Records contained in a dataset
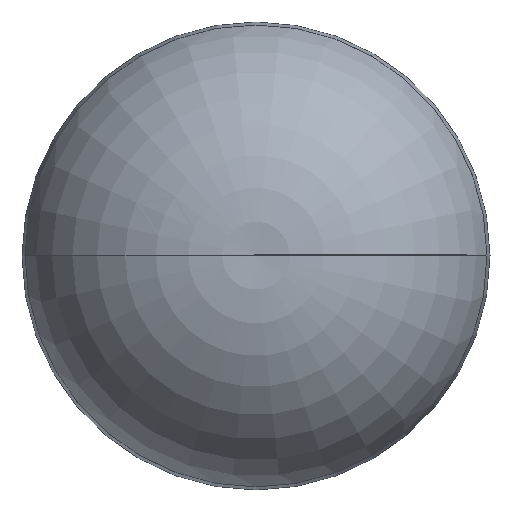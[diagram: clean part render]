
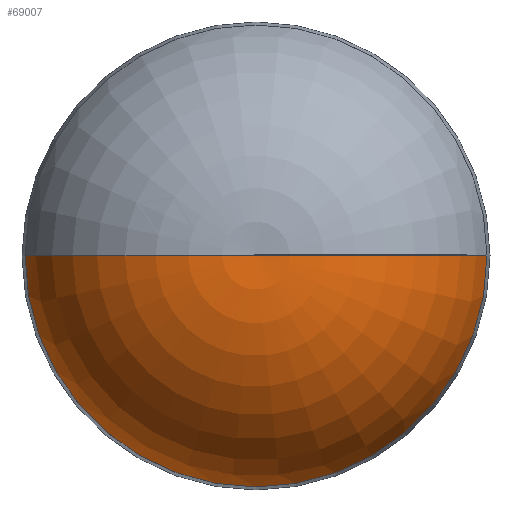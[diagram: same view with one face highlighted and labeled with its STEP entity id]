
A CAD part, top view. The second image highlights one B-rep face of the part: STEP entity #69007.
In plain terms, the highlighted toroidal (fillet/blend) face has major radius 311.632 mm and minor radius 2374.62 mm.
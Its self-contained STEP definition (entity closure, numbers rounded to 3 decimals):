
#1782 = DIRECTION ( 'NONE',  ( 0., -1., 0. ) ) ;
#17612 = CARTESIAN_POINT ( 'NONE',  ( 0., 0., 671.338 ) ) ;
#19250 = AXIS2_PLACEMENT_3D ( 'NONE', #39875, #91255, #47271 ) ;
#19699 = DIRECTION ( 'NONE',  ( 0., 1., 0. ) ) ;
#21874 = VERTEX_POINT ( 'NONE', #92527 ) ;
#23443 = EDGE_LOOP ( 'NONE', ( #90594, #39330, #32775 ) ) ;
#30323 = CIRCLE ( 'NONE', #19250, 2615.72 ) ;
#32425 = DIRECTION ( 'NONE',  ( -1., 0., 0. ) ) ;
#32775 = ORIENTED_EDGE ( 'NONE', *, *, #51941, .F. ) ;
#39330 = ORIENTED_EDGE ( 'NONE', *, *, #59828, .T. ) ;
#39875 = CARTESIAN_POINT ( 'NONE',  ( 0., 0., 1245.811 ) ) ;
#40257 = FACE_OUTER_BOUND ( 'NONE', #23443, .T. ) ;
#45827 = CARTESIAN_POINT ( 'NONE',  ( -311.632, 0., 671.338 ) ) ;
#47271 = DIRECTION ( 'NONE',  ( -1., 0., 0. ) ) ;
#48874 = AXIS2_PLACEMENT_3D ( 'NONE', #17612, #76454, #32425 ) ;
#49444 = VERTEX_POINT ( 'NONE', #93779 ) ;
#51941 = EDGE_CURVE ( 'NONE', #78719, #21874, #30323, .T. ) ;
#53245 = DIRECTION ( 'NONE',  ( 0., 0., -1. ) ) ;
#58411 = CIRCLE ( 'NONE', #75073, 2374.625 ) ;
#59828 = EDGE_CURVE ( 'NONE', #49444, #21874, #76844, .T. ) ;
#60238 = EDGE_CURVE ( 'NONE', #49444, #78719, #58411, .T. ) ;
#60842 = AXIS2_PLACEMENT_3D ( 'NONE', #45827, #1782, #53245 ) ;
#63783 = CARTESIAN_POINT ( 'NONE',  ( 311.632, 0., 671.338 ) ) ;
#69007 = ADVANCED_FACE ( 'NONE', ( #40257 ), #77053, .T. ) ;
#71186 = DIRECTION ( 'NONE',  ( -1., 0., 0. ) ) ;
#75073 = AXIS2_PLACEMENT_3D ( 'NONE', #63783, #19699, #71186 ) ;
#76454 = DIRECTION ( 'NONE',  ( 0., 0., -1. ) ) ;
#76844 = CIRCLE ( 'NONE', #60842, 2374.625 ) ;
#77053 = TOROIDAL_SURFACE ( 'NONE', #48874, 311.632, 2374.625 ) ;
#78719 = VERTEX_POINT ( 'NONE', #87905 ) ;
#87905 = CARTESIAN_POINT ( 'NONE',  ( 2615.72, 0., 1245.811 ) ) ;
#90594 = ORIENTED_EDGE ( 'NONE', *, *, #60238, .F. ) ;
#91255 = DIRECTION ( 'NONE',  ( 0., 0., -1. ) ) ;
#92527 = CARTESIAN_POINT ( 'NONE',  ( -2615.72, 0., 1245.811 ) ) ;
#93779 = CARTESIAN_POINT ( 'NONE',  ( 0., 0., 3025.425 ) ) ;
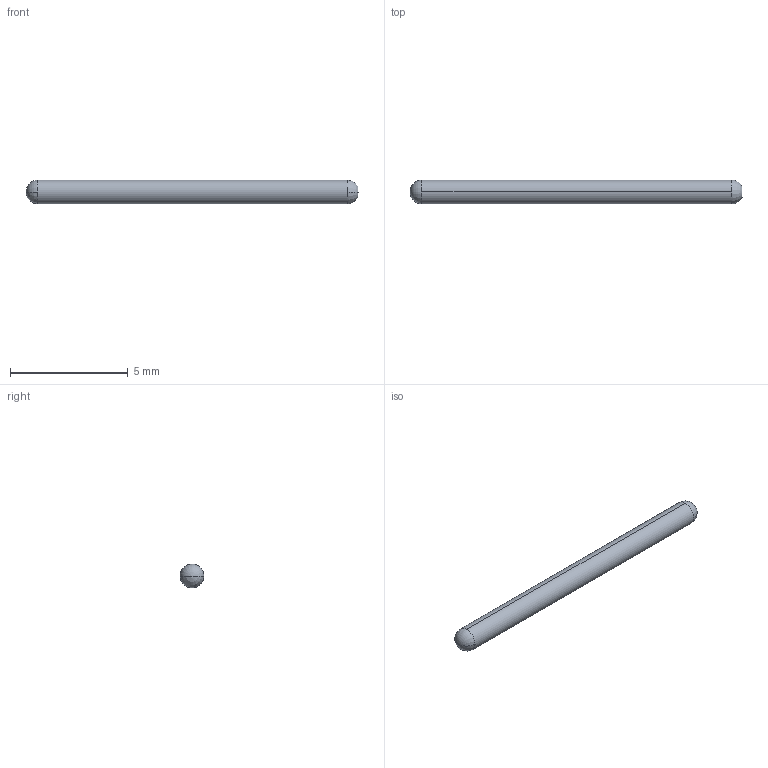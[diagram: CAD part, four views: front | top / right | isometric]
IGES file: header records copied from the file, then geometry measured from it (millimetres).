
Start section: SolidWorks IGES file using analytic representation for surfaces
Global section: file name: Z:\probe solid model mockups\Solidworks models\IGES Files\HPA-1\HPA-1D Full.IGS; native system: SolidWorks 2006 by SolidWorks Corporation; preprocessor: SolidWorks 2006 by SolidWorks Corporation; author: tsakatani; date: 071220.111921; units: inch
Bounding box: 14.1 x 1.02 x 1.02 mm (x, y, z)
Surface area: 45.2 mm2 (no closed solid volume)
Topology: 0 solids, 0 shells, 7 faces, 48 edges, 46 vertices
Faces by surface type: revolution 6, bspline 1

WHAT THIS TASK INVOLVES
From the records above, repeat exactly the lines from the one with "#63783 = CARTESIAN_POINT" through the one with "#92527 = CARTESIAN_POINT", both included.

REPLY
#63783 = CARTESIAN_POINT ( 'NONE',  ( 311.632, 0., 671.338 ) ) ;
#69007 = ADVANCED_FACE ( 'NONE', ( #40257 ), #77053, .T. ) ;
#71186 = DIRECTION ( 'NONE',  ( -1., 0., 0. ) ) ;
#75073 = AXIS2_PLACEMENT_3D ( 'NONE', #63783, #19699, #71186 ) ;
#76454 = DIRECTION ( 'NONE',  ( 0., 0., -1. ) ) ;
#76844 = CIRCLE ( 'NONE', #60842, 2374.625 ) ;
#77053 = TOROIDAL_SURFACE ( 'NONE', #48874, 311.632, 2374.625 ) ;
#78719 = VERTEX_POINT ( 'NONE', #87905 ) ;
#87905 = CARTESIAN_POINT ( 'NONE',  ( 2615.72, 0., 1245.811 ) ) ;
#90594 = ORIENTED_EDGE ( 'NONE', *, *, #60238, .F. ) ;
#91255 = DIRECTION ( 'NONE',  ( 0., 0., -1. ) ) ;
#92527 = CARTESIAN_POINT ( 'NONE',  ( -2615.72, 0., 1245.811 ) ) ;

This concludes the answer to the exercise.